8.1.5. Storage#

Provide imports for storage sub-package.

class junifer.storage.BaseFeatureStorage(uri, storage_types, single_output=True)#

Abstract base class for feature storage.

For every interface that is required, one needs to provide a concrete implementation of this abstract class.

Parameters:

uristr or pathlib.Path: The path to the storage.
storage_typesstr or list of str: The available storage types for the class.
single_outputbool, optional: Whether to have single output (default True).

abstract collect()#

Collect data.

get_valid_inputs()#

Get valid storage types for input.

Returns:

list of str: The list of storage types that can be used as input for this ” “storage.

abstract list_features()#

List the features in the storage.

Returns:

dict: List of features in the storage. The keys are the feature names to be used in read_features() and the values are the metadata of each feature.

abstract read_df(feature_name=None, feature_md5=None)#

Read feature into a pandas DataFrame.

Parameters:

feature_namestr, optional: Name of the feature to read (default None).
feature_md5str, optional: MD5 hash of the feature to read (default None).

Returns:

pandas.DataFrame: The features as a dataframe.

store(kind, **kwargs)#

Store extracted features data.

Parameters:

kind{“matrix”, “timeseries”, “table”}: The storage kind.
**kwargs: The keyword arguments.

Raises:

ValueError: If kind is invalid.

store_matrix(meta_md5, element, data, col_names=None, row_names=None, matrix_kind='full', diagonal=True)#

Store matrix.

Parameters:

meta_md5str

The metadata MD5 hash.

elementdict

The element as a dictionary.

datanumpy.ndarray

The matrix data to store.

col_nameslist or tuple of str, optional

The column names (default None).

row_namesstr, optional

The column name to use in case number of rows greater than 1. If None and number of rows greater than 1, then the name will be “index” (default None).

matrix_kindstr, optional

The kind of matrix:

triu : store upper triangular only
tril : store lower triangular
full : full matrix

(default “full”).

diagonalbool, optional

Whether to store the diagonal. If matrix_kind is “full”, setting this to False will raise an error (default True).

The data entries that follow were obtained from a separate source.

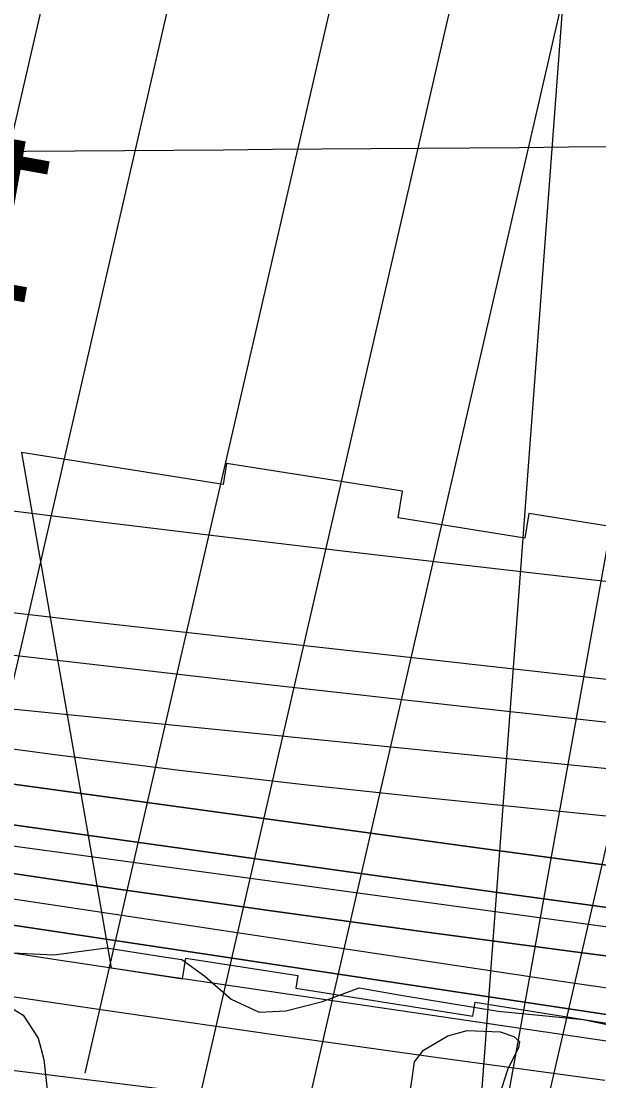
# Model space of a CAD drawing. Extents: x 3567028 to 3605064, y 510945 to 536587.
# Drawn here: x 3593857 to 3594340, y 521820 to 522706 of the extents above; entities that cross this region are included whole.
import ezdxf

# ---------------------------------------------------------------- set-up
doc = ezdxf.new("R2010")
doc.units = 0
for name, color, linetype in [('V-CHAN-NAID', 7, 'Continuous'), ('V-GRID-MAJR', 7, 'Continuous'), ('V-RIVR-EDGE', 7, 'Continuous'), ('V-RRAP-RVMT', 7, 'Continuous'), ('V-SITE-VEGE', 7, 'Continuous'), ('V-TOPO-DPTH', 7, 'Continuous'), ('V-TOPO-MAJR', 7, 'Continuous'), ('V-TOPO-MINR', 7, 'Continuous'), ('V-TOPO-WATR', 7, 'Continuous'), ('V-UTIL-LINE', 7, 'Continuous')]:
    doc.layers.add(name, color=color, linetype=linetype)

msp = doc.modelspace()

# ---------------------------------------------------------------- linework, layer by layer
at = {"layer": 'V-GRID-MAJR'}
msp.add_spline([(3571178.42, 522409.74700000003), (3576457.305, 522452.36100000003), (3581736.185, 522495.743), (3587015.058, 522539.892), (3592293.9250000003, 522584.81), (3597572.785, 522630.495), (3602851.6380000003, 522676.94800000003), (3602851.639, 522676.94800000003)], degree=3, dxfattribs=at)
at = {"layer": 'V-RIVR-EDGE'}
for points in [[(3592997.605016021, 522079.3315909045), (3593100.2171941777, 522061.66838812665), (3593205.2276953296, 522042.79860171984), (3593276.626048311, 522026.4132350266), (3593385.8506856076, 522012.33564133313), (3593453.6456163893, 521995.3588582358), (3593549.076185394, 521986.71831300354), (3593595.86871906, 521973.39542259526), (3593653.4715193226, 521961.8467814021), (3593736.2715553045, 521943.6322417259), (3593832.284634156, 521927.7863365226), (3593884.506794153, 521925.2558995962), (3593928.3452146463, 521931.15076610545), (3593978.1527229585, 521923.223360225), (3593991.3553748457, 521921.38973396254), (3594010.5315678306, 521907.53480419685), (3594032.6960157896, 521888.26954564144)], [(3594032.6960157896, 521888.26954564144), (3594056.081891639, 521877.4058397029), (3594078.296810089, 521878.5515618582), (3594108.9325786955, 521886.28005462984), (3594139.5772538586, 521897.61048517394), (3594174.3811413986, 521891.521158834), (3594255.992406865, 521878.1121717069), (3594326.8141877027, 521871.3334568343), (3594379.015565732, 521860.3984984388)]]:
    msp.add_lwpolyline(points, dxfattribs=at)
at = {"layer": 'V-RRAP-RVMT'}
for p, q in [((3594026.1190000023, 522318.52400000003), (3593857.538000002, 522345.32000000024)), ((3593857.538000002, 522345.32000000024), (3593932.3090000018, 521914.5180000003)), ((3594028.8530000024, 522336.07800000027), (3594026.1190000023, 522318.52400000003)), ((3594175.7880000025, 522312.81000000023), (3594028.8530000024, 522336.07800000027)), ((3594172.296000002, 522290.72200000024), (3594175.788000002, 522312.81000000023)), ((3594278.174000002, 522273.70400000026), (3594172.296000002, 522290.72200000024)), ((3594281.435000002, 522294.07400000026), (3594278.174000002, 522273.70400000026)), ((3594414.1610000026, 522273.04200000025), (3594281.435000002, 522294.07400000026)), ((3593992.0780000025, 521905.1050000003), (3593994.840000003, 521922.65000000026)), ((3593994.8400000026, 521922.65000000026), (3594088.355000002, 521907.94000000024)), ((3593932.3090000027, 521914.5180000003), (3593992.0780000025, 521905.1050000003)), ((3594088.355000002, 521907.94000000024), (3594086.655000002, 521897.48400000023)), ((3594086.6550000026, 521897.48400000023), (3594234.667000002, 521874.0450000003)), ((3594234.667000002, 521874.045), (3594236.5270000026, 521885.629)), ((3594236.5270000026, 521885.629), (3594349.9770000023, 521867.684))]:
    msp.add_line(p, q, dxfattribs=at)
at = {"layer": 'V-SITE-VEGE'}
msp.add_lwpolyline([(3593073.913, 522041.615), (3593194.739, 522016.42100000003), (3593277.288, 522002.015), (3593332.3200000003, 521994.802), (3593375.987, 521989.395), (3593417.858, 521983.389), (3593456.14, 521975.59), (3593501.597, 521964.197), (3593543.468, 521955.8), (3593589.524, 521942.609), (3593698.983, 521914.428), (3593792.294, 521898.223), (3593829.977, 521888.032), (3593847.9220000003, 521881.441), (3593858.684, 521874.85500000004), (3593871.236, 521855.702), (3593876.012, 521837.753), (3593878.988, 521812.626)], dxfattribs=at)
msp.add_lwpolyline([(3594250.901, 521754.576), (3594249.764, 521750.18700000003), (3594244.96, 521745.462), (3594237.609, 521743.32800000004), (3594221.883, 521747.123), (3594179.1040000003, 521759.583), (3594149.83, 521765.33), (3594142.9280000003, 521772.717), (3594142.596, 521776.75200000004), (3594148.861, 521780.731), (3594169.059, 521785.325), (3594177.916, 521792.581), (3594183.247, 521815.993), (3594185.981, 521835.76300000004), (3594193.395, 521845.59500000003), (3594213.656, 521857.51900000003), (3594229.821, 521862.145), (3594257.665, 521860.81200000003), (3594268.997, 521857.05), (3594273.728, 521852.976), (3594272.948, 521847.485), (3594264.002, 521829.969), (3594256.1010000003, 521805.84500000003)], close=True, dxfattribs=at)
at = {"layer": 'V-TOPO-DPTH'}
for points in [[(3591799.0710413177, 522521.2304718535), (3592550.8174883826, 522332.81301118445), (3592576.5248170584, 522326.5333149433), (3592602.279463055, 522320.4597924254), (3592628.1050850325, 522314.6955304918), (3592653.9780243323, 522309.13744228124), (3592834.015527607, 522271.5892209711), (3592950.059819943, 522248.027316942), (3593066.2602072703, 522225.286017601), (3593182.694737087, 522203.77562529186), (3593299.285361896, 522183.08583767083), (3593549.9960097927, 522139.96264897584), (3593561.8002324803, 522137.98894096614), (3593573.6159331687, 522136.08879461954), (3593585.448850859, 522134.2989907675), (3593597.29324655, 522132.58274857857), (3593781.3788968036, 522106.785302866), (3593885.3464894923, 522092.8195445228), (3593989.409735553, 522079.6455801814), (3594093.6164616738, 522067.65930684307), (3594197.9188411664, 522056.46482750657), (3594872.6316205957, 521987.9395933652)], [(3591799.0710413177, 522521.2304718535), (3592550.8174883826, 522332.81301118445), (3592576.5248170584, 522326.5333149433), (3592602.279463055, 522320.4597924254), (3592628.1050850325, 522314.6955304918), (3592653.9780243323, 522309.13744228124), (3592834.015527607, 522271.5892209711), (3592950.059819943, 522248.027316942), (3593066.2602072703, 522225.286017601), (3593182.694737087, 522203.77562529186), (3593299.285361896, 522183.08583767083), (3593549.9960097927, 522139.96264897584), (3593561.8002324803, 522137.98894096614), (3593573.6159331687, 522136.08879461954), (3593585.448850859, 522134.2989907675), (3593597.29324655, 522132.58274857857), (3593781.3788968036, 522106.785302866), (3593885.3464894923, 522092.8195445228), (3593989.409735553, 522079.6455801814), (3594093.6164616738, 522067.65930684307), (3594197.9188411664, 522056.46482750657), (3594872.6316205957, 521987.9395933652)], [(3591765.7125705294, 522489.193563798), (3592488.8404057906, 522304.0156925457), (3592505.834076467, 522299.78340100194), (3592522.862710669, 522295.701333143), (3592539.943790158, 522291.8446008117), (3592557.059833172, 522288.13809216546), (3592574.214367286, 522284.6064934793), (3592591.3852432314, 522281.1578136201), (3592608.5806319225, 522277.83351200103), (3592625.792362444, 522274.5921292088), (3593126.6171407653, 522182.1504047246), (3593200.001127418, 522168.83171115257), (3593273.4360976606, 522155.80551216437), (3593346.947543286, 522143.21805505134), (3593420.509972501, 522130.92309252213), (3593514.7619984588, 522115.4592758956), (3593541.2523569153, 522111.21983504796), (3593567.763647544, 522107.1193401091), (3593594.306336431, 522103.2272640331), (3593620.86995749, 522099.4741338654), (3594244.838902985, 522013.8134125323), (3594350.5124905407, 521999.758359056)], [(3594350.5124905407, 521999.758359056), (3594244.838902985, 522013.8134125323), (3593620.86995749, 522099.4741338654), (3593594.306336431, 522103.2272640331), (3593567.763647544, 522107.1193401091), (3593541.2523569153, 522111.21983504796), (3593514.7619984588, 522115.4592758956), (3593420.509972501, 522130.92309252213), (3593346.947543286, 522143.21805505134), (3593273.4360976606, 522155.80551216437), (3593200.001127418, 522168.83171115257), (3593126.6171407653, 522182.1504047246), (3592625.792362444, 522274.5921292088), (3592608.5806319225, 522277.83351200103), (3592591.3852432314, 522281.1578136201), (3592574.214367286, 522284.6064934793), (3592557.059833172, 522288.13809216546), (3592539.943790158, 522291.8446008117), (3592522.862710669, 522295.701333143), (3592505.834076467, 522299.78340100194), (3592488.8404057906, 522304.0156925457), (3591765.7125705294, 522489.193563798)], [(3591763.3568588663, 522358.99827497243), (3592369.725327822, 522231.6124891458), (3592402.478800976, 522224.7413375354), (3592435.234862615, 522217.88256547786), (3592467.99480698, 522211.0423627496), (3592500.7573398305, 522204.2145395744), (3592533.524525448, 522197.4091176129), (3592566.295326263, 522190.6211843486), (3592599.0715498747, 522183.85948412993), (3592631.8513886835, 522177.1152726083), (3593198.6546203, 522060.7360903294), (3593256.285676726, 522049.13952262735), (3593313.9748906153, 522037.84638214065), (3593371.7513407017, 522027.0083824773), (3593429.5859482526, 522016.4738100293), (3593479.5685394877, 522007.5728983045), (3593512.477345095, 522001.8495557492), (3593545.4153053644, 521996.30374753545), (3593578.3969976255, 521991.024240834), (3593611.407844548, 521985.9222684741), (3594624.06111235, 521833.5983413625)], [(3594624.06111235, 521833.5983413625), (3593611.407844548, 521985.9222684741), (3593578.3969976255, 521991.024240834), (3593545.4153053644, 521996.30374753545), (3593512.477345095, 522001.8495557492), (3593479.5685394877, 522007.5728983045), (3593429.5859482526, 522016.4738100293), (3593371.7513407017, 522027.0083824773), (3593313.9748906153, 522037.84638214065), (3593256.285676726, 522049.13952262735), (3593198.6546203, 522060.7360903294), (3592631.8513886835, 522177.1152726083), (3592599.0715498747, 522183.85948412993), (3592566.295326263, 522190.6211843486), (3592533.524525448, 522197.4091176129), (3592500.7573398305, 522204.2145395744), (3592467.99480698, 522211.0423627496), (3592435.234862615, 522217.88256547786), (3592402.478800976, 522224.7413375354), (3592369.725327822, 522231.6124891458), (3591763.3568588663, 522358.99827497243)], [(3594823.823701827, 521862.7340738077), (3594319.8632097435, 521927.8409469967), (3594191.992688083, 521944.777532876), (3594064.1986424, 521962.2601033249), (3593936.519310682, 521980.5616506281), (3593808.916454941, 521999.40918250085), (3593577.456006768, 522034.3555177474), (3593565.646717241, 522036.17639234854), (3593553.8453999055, 522038.0465730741), (3593542.0560408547, 522039.9907129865), (3593530.274653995, 522041.98415902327), (3593277.4404862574, 522085.58025873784), (3593159.9798399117, 522106.35588446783), (3593042.645416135, 522127.8055339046), (3592925.5003262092, 522150.26621890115), (3592808.4814588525, 522173.40092760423), (3592629.4657772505, 522209.5952091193), (3592602.0592213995, 522215.1854032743), (3592574.665715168, 522220.8382909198), (3592547.291783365, 522226.5852188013), (3592519.9309011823, 522232.394840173), (3592293.083080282, 522280.9693731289), (3592194.65820034, 522302.1831374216), (3592096.2718389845, 522323.5729365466)], [(3594823.823701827, 521862.7340738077), (3594319.8632097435, 521927.8409469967), (3594191.992688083, 521944.777532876), (3594064.1986424, 521962.2601033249), (3593936.519310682, 521980.5616506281), (3593808.916454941, 521999.40918250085), (3593577.456006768, 522034.3555177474), (3593565.646717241, 522036.17639234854), (3593553.8453999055, 522038.0465730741), (3593542.0560408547, 522039.9907129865), (3593530.274653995, 522041.98415902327), (3593277.4404862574, 522085.58025873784), (3593159.9798399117, 522106.35588446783), (3593042.645416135, 522127.8055339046), (3592925.5003262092, 522150.26621890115), (3592808.4814588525, 522173.40092760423), (3592629.4657772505, 522209.5952091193), (3592602.0592213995, 522215.1854032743), (3592574.665715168, 522220.8382909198), (3592547.291783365, 522226.5852188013), (3592519.9309011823, 522232.394840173), (3592293.083080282, 522280.9693731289), (3592194.65820034, 522302.1831374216), (3592096.2718389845, 522323.5729365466)], [(3592905.641876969, 522187.59108304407), (3593185.167540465, 522139.0047226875), (3593233.975778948, 522130.5103166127), (3593282.781601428, 522122.00206903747), (3593331.583799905, 522113.4730592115), (3593380.3835823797, 522104.9302078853), (3593436.471480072, 522095.0992083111), (3593457.2330900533, 522091.5066951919), (3593478.004817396, 522087.97447216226), (3593498.7917207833, 522084.53268426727), (3593519.5887415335, 522081.15118646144), (3593540.402618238, 522077.87658618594), (3593561.228850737, 522074.68421654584), (3593582.0736169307, 522071.6151928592), (3593602.93073892, 522068.6283998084), (3593979.769210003, 522015.80201667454), (3594128.6945348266, 521995.0391582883), (3594277.640375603, 521974.4253625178), (3594426.6169903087, 521954.035160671)], [(3594426.6169903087, 521954.035160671), (3594277.640375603, 521974.4253625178), (3594128.6945348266, 521995.0391582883), (3593979.769210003, 522015.80201667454), (3593602.93073892, 522068.6283998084), (3593582.0736169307, 522071.6151928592), (3593561.228850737, 522074.68421654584), (3593540.402618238, 522077.87658618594), (3593519.5887415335, 522081.15118646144), (3593498.7917207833, 522084.53268426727), (3593478.004817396, 522087.97447216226), (3593457.2330900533, 522091.5066951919), (3593436.471480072, 522095.0992083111), (3593380.3835823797, 522104.9302078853), (3593331.583799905, 522113.4730592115), (3593282.781601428, 522122.00206903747), (3593233.975778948, 522130.5103166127), (3593185.167540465, 522139.0047226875), (3592905.641876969, 522187.59108304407)], [(3593074.4828211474, 522011.93317794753), (3593189.175643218, 521992.85065779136), (3593303.942761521, 521974.20690144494), (3593507.6555680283, 521941.7139731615), (3593520.625065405, 521939.66558503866), (3593533.5986372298, 521937.6436045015), (3593546.5783207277, 521935.66123534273), (3593559.562078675, 521933.70527376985), (3593803.8562278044, 521897.28437366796), (3593939.029970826, 521877.41838525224), (3594074.2568512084, 521857.92653805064), (3594209.5634376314, 521838.99590267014), (3594344.9231614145, 521820.43940850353)]]:
    msp.add_lwpolyline(points, dxfattribs=at)
at = {"layer": 'V-TOPO-MAJR'}
msp.add_lwpolyline([(3592980.101175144, 522269.27542950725), (3593577.6274230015, 522158.9016961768), (3593577.915970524, 522158.84978838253), (3593578.783737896, 522158.7066625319), (3593584.6797166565, 522157.80633001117), (3593587.920655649, 522157.33638968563), (3593591.1657417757, 522156.899078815), (3593594.4170486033, 522156.51071212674), (3593597.672502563, 522156.15497489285), (3593616.688571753, 522154.2218802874), (3593629.4554545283, 522152.92687737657), (3593642.222713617, 522151.6356033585), (3593654.9905371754, 522150.34992267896), (3593667.7587370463, 522149.0679708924), (3594489.540073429, 522066.741364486)], dxfattribs=at)
at = {"layer": 'V-TOPO-MINR'}
for points in [[(3592093.566558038, 522573.72572167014), (3592174.953934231, 522550.3695167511), (3592256.4594163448, 522527.41912919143), (3592587.0749239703, 522435.6586181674), (3592609.02991212, 522429.79110224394), (3592631.053547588, 522424.20557102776), (3592653.180154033, 522419.0430168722), (3592675.375407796, 522414.16244742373), (3592831.1278078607, 522381.4749097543), (3592931.3640959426, 522361.06102595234), (3593031.751407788, 522341.4452615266), (3593132.3652552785, 522323.0266761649), (3593233.130126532, 522305.40621017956), (3593582.236145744, 522246.49980347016), (3593588.8443076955, 522245.4191125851), (3593595.459229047, 522244.38305347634), (3593602.084289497, 522243.41394203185), (3593608.7161093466, 522242.4894623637), (3593700.9026416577, 522230.1134850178), (3593753.6545585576, 522223.2115723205), (3593806.4354859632, 522216.5457335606), (3593859.2599291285, 522210.23400570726), (3593912.113382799, 522204.15835179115), (3594896.0332149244, 522094.395582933)], [(3591799.0710413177, 522521.2304718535), (3592550.8174883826, 522332.81301118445), (3592576.5248170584, 522326.5333149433), (3592602.279463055, 522320.4597924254), (3592628.1050850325, 522314.6955304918), (3592653.9780243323, 522309.13744228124), (3592834.015527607, 522271.5892209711), (3592950.059819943, 522248.027316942), (3593066.2602072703, 522225.286017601), (3593182.694737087, 522203.77562529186), (3593299.285361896, 522183.08583767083), (3593549.9960097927, 522139.96264897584), (3593561.8002324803, 522137.98894096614), (3593573.6159331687, 522136.08879461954), (3593585.448850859, 522134.2989907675), (3593597.29324655, 522132.58274857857), (3593781.3788968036, 522106.785302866), (3593885.3464894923, 522092.8195445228), (3593989.409735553, 522079.6455801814), (3594093.6164616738, 522067.65930684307), (3594197.9188411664, 522056.46482750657), (3594872.6316205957, 521987.9395933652)], [(3591765.7125705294, 522489.193563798), (3592488.8404057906, 522304.0156925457), (3592505.834076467, 522299.78340100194), (3592522.862710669, 522295.701333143), (3592539.943790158, 522291.8446008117), (3592557.059833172, 522288.13809216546), (3592574.214367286, 522284.6064934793), (3592591.3852432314, 522281.1578136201), (3592608.5806319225, 522277.83351200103), (3592625.792362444, 522274.5921292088), (3593126.6171407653, 522182.1504047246), (3593200.001127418, 522168.83171115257), (3593273.4360976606, 522155.80551216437), (3593346.947543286, 522143.21805505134), (3593420.509972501, 522130.92309252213), (3593514.7619984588, 522115.4592758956), (3593541.2523569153, 522111.21983504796), (3593567.763647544, 522107.1193401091), (3593594.306336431, 522103.2272640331), (3593620.86995749, 522099.4741338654), (3594244.838902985, 522013.8134125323), (3594350.5124905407, 521999.758359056)], [(3593086.1145217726, 522388.8281611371), (3593170.2009085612, 522379.59332481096), (3593254.2565279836, 522370.0919799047), (3593338.2659963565, 522360.190872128), (3593422.244697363, 522350.02325577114), (3593541.9964913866, 522335.23535174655), (3593577.0177471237, 522330.8950649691), (3593612.0364456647, 522326.53431592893), (3593647.0513084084, 522322.14287349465), (3593682.063613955, 522317.7309687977), (3593818.497412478, 522300.47818272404), (3593921.7461292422, 522287.602179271), (3594025.0234183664, 522274.9630240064), (3594128.3435660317, 522262.67914102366), (3594231.6922860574, 522250.6321062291), (3594886.706853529, 522175.4205887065)], [(3592020.0731681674, 522356.52714190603), (3592538.8092733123, 522243.92904408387), (3592558.754067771, 522239.64879582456), (3592578.7119208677, 522235.4310649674), (3592598.68936192, 522231.30711021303), (3592618.6798616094, 522227.2456728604), (3592747.265812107, 522201.43533599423), (3592831.625723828, 522184.8737724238), (3592916.0744771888, 522168.7896651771), (3593000.656493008, 522153.42174241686), (3593085.327350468, 522138.53127598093), (3593553.91151994, 522058.1700118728), (3593557.7778343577, 522057.5245293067), (3593561.6497050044, 522056.913257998), (3593601.7963358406, 522050.7569005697), (3593623.815191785, 522047.4384744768), (3593645.8450018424, 522044.19582388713), (3593667.891243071, 522041.06683655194), (3593689.9484384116, 522038.01362471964), (3594847.400447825, 521880.8372108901)], [(3592749.861110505, 522343.30068528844), (3593175.8952781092, 522270.2567920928), (3593244.40704705, 522258.7521495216), (3593312.968917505, 522247.5612207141), (3593381.605940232, 522236.84086255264), (3593450.2930644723, 522226.4342181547), (3593535.965018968, 522213.75467267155), (3593561.8702041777, 522210.0481484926), (3593587.7973286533, 522206.5083038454), (3593613.757362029, 522203.2184784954), (3593639.739334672, 522200.0953326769), (3593906.6501592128, 522169.3154815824), (3594066.1263701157, 522151.12885768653), (3594225.632404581, 522133.2107777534), (3594385.183174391, 522115.69551376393)], [(3592096.2718389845, 522323.5729365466), (3592194.65820034, 522302.1831374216), (3592293.083080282, 522280.9693731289), (3592519.9309011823, 522232.394840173), (3592547.291783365, 522226.5852188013), (3592574.665715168, 522220.8382909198), (3592602.0592213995, 522215.1854032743), (3592629.4657772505, 522209.5952091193), (3592808.4814588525, 522173.40092760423), (3592925.5003262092, 522150.26621890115), (3593042.645416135, 522127.8055339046), (3593159.9798399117, 522106.35588446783), (3593277.4404862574, 522085.58025873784), (3593530.274653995, 522041.98415902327), (3593542.0560408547, 522039.9907129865), (3593553.8453999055, 522038.0465730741), (3593565.646717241, 522036.17639234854), (3593577.456006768, 522034.3555177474), (3593808.916454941, 521999.40918250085), (3593936.519310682, 521980.5616506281), (3594064.1986424, 521962.2601033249), (3594191.992688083, 521944.777532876), (3594319.8632097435, 521927.8409469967), (3594823.823701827, 521862.7340738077)], [(3592118.546908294, 522302.1056239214), (3592193.8270288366, 522285.8373651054), (3592269.12511221, 522269.6530200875), (3592344.45013983, 522253.5945457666), (3592419.7931302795, 522237.6199852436), (3592500.6575960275, 522220.5453377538), (3592535.589576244, 522213.20840047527), (3592570.5318902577, 522205.9212809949), (3592605.4897049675, 522198.7088882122), (3592640.457853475, 522191.5463132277), (3592988.2248683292, 522120.70000138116), (3593081.538890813, 522102.09657184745), (3593174.951603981, 522084.0146730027), (3593268.5123531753, 522066.7150701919), (3593362.1717930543, 522049.93699807), (3593505.2358298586, 522024.92597004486), (3593527.450366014, 522021.12518909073), (3593549.682346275, 522017.4318160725), (3593571.9404926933, 522013.89955495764), (3593594.2160832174, 522010.4747017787), (3594308.4338619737, 521903.31043426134), (3594400.970720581, 521889.83250031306)], [(3592905.641876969, 522187.59108304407), (3593185.167540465, 522139.0047226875), (3593233.975778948, 522130.5103166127), (3593282.781601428, 522122.00206903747), (3593331.583799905, 522113.4730592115), (3593380.3835823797, 522104.9302078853), (3593436.471480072, 522095.0992083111), (3593457.2330900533, 522091.5066951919), (3593478.004817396, 522087.97447216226), (3593498.7917207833, 522084.53268426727), (3593519.5887415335, 522081.15118646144), (3593540.402618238, 522077.87658618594), (3593561.228850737, 522074.68421654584), (3593582.0736169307, 522071.6151928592), (3593602.93073892, 522068.6283998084), (3593979.769210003, 522015.80201667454), (3594128.6945348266, 521995.0391582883), (3594277.640375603, 521974.4253625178), (3594426.6169903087, 521954.035160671)], [(3592053.10709743, 522142.87335498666), (3592471.835987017, 522043.84026034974), (3592497.0627479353, 522037.8972322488), (3592522.2963884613, 522031.98367617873), (3592547.5403484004, 522026.1143281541), (3592572.791187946, 522020.2744521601), (3593448.9572851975, 521878.41963356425), (3593456.3346981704, 521877.8780127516), (3593463.703554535, 521877.2463025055), (3593471.05957599, 521876.4794581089), (3593478.4070408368, 521875.6225242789), (3593479.6330967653, 521875.4681109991), (3593486.3582768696, 521874.59998868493), (3593493.079678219, 521873.7041683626), (3593499.795411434, 521872.7668010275), (3593506.5073658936, 521871.80173568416), (3593513.2195297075, 521870.8383438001), (3593519.935751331, 521869.90488056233), (3593526.6580596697, 521869.01631029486), (3593533.3844258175, 521868.157668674), (3594817.851510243, 521708.55048502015)], [(3593062.059881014, 522069.58344326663), (3593144.273577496, 522053.0438491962), (3593421.5219493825, 521996.80442193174), (3593441.39254698, 521992.8379265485), (3593461.2789758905, 521988.9538472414), (3593481.1891517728, 521985.1933920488), (3593501.1151589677, 521981.51535293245), (3593521.066506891, 521977.9794964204), (3593541.035807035, 521974.5507772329), (3593561.03203551, 521971.2827640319), (3593581.0462162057, 521968.12188815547), (3593715.419348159, 521947.4535643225), (3593802.6460756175, 521934.12200964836), (3593889.889489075, 521920.9012781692), (3593977.1579315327, 521907.8467814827), (3594064.4430599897, 521894.9031079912), (3594832.923218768, 521781.6917851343)], [(3593074.4828211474, 522011.93317794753), (3593189.175643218, 521992.85065779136), (3593303.942761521, 521974.20690144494), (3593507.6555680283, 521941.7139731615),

abstract store_metadata(meta_md5, element, meta)#

Store metadata.

Parameters:

meta_md5str: The metadata MD5 hash.
elementdict: The element as a dictionary.
metadict: The metadata as a dictionary.

store_table(meta_md5, element, data, columns=None, rows_col_name=None)#

Store table.

Parameters:

meta_md5str: The metadata MD5 hash.
elementdict: The element as a dictionary.
datanumpy.ndarray or list: The table data to store.
columnslist or tuple of str, optional: The columns (default None).
rows_col_namestr, optional: The column name to use in case number of rows greater than 1. If None and number of rows greater than 1, then the name will be “index” (default None).

store_timeseries(meta_md5, element, data, columns=None)#

Implement timeseries storing.

Parameters:

meta_md5str: The metadata MD5 hash.
elementdict: The element as a dictionary.
datanumpy.ndarray: The timeseries data to store.
columnslist or tuple of str, optional: The column labels (default None).

validate(input_)#

Validate the input to the pipeline step.

Parameters:

input_list of str: The input to the pipeline step.

Raises:

ValueError: If the input_ is invalid.

class junifer.storage.PandasBaseFeatureStorage(uri, single_output=True, **kwargs)#

Abstract base class for feature storage via pandas.

For every interface that is required, one needs to provide a concrete implementation of this abstract class.

Parameters:

uristr or pathlib.Path: The path to the storage.
single_outputbool, optional: Whether to have single output (default True).
**kwargs: Keyword arguments passed to superclass.